[Opening Data to use section]

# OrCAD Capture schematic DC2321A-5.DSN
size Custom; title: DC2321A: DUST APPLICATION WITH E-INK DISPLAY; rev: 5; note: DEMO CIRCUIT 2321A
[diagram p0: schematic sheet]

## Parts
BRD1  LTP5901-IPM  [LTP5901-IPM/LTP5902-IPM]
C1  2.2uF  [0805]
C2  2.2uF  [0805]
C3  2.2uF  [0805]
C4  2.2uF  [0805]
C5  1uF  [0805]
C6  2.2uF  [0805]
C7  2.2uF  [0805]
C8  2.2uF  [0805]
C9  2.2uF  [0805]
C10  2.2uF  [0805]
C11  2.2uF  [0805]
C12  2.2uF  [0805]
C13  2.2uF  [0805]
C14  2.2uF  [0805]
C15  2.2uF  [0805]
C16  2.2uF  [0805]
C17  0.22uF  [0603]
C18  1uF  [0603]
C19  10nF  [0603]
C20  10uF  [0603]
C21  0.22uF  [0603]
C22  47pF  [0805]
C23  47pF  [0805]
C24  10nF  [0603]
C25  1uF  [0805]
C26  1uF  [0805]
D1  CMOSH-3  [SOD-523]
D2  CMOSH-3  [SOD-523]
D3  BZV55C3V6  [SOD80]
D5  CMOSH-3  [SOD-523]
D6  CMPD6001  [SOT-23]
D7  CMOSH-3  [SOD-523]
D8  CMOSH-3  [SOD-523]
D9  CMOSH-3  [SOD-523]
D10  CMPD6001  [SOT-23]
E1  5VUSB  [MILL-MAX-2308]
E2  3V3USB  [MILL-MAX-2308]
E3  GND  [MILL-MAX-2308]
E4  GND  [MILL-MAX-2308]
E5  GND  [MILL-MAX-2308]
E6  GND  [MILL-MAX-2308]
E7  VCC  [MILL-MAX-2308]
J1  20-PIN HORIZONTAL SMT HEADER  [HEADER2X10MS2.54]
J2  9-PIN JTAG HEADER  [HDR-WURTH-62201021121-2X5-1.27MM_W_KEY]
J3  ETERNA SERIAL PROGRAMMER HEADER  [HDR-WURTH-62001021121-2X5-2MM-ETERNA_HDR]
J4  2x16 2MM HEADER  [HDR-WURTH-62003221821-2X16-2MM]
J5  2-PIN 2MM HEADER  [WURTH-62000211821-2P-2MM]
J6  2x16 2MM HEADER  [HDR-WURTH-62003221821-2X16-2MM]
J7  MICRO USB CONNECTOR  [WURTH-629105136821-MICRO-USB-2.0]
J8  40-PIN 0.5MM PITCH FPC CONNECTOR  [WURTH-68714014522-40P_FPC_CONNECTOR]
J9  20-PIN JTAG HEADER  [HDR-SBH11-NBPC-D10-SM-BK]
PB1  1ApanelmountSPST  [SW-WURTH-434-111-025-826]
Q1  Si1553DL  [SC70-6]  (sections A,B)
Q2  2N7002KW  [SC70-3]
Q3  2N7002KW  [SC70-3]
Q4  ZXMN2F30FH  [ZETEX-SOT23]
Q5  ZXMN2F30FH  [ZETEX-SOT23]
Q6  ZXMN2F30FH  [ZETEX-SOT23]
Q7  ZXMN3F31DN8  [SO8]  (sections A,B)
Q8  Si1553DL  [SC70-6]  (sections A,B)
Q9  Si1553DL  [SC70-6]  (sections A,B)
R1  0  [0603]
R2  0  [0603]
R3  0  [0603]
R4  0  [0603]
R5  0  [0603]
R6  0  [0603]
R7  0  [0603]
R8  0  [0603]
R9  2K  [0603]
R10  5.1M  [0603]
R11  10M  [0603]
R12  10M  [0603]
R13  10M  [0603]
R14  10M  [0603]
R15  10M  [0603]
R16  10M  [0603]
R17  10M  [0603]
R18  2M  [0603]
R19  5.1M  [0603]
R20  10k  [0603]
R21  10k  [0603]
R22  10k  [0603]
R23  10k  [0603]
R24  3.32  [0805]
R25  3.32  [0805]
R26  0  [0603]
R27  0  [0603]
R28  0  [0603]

[Closing Data to use section]

Description of the task:
State the number of lines holding the word "JTAG" in the listing. Add nothing else.

Written answer:
2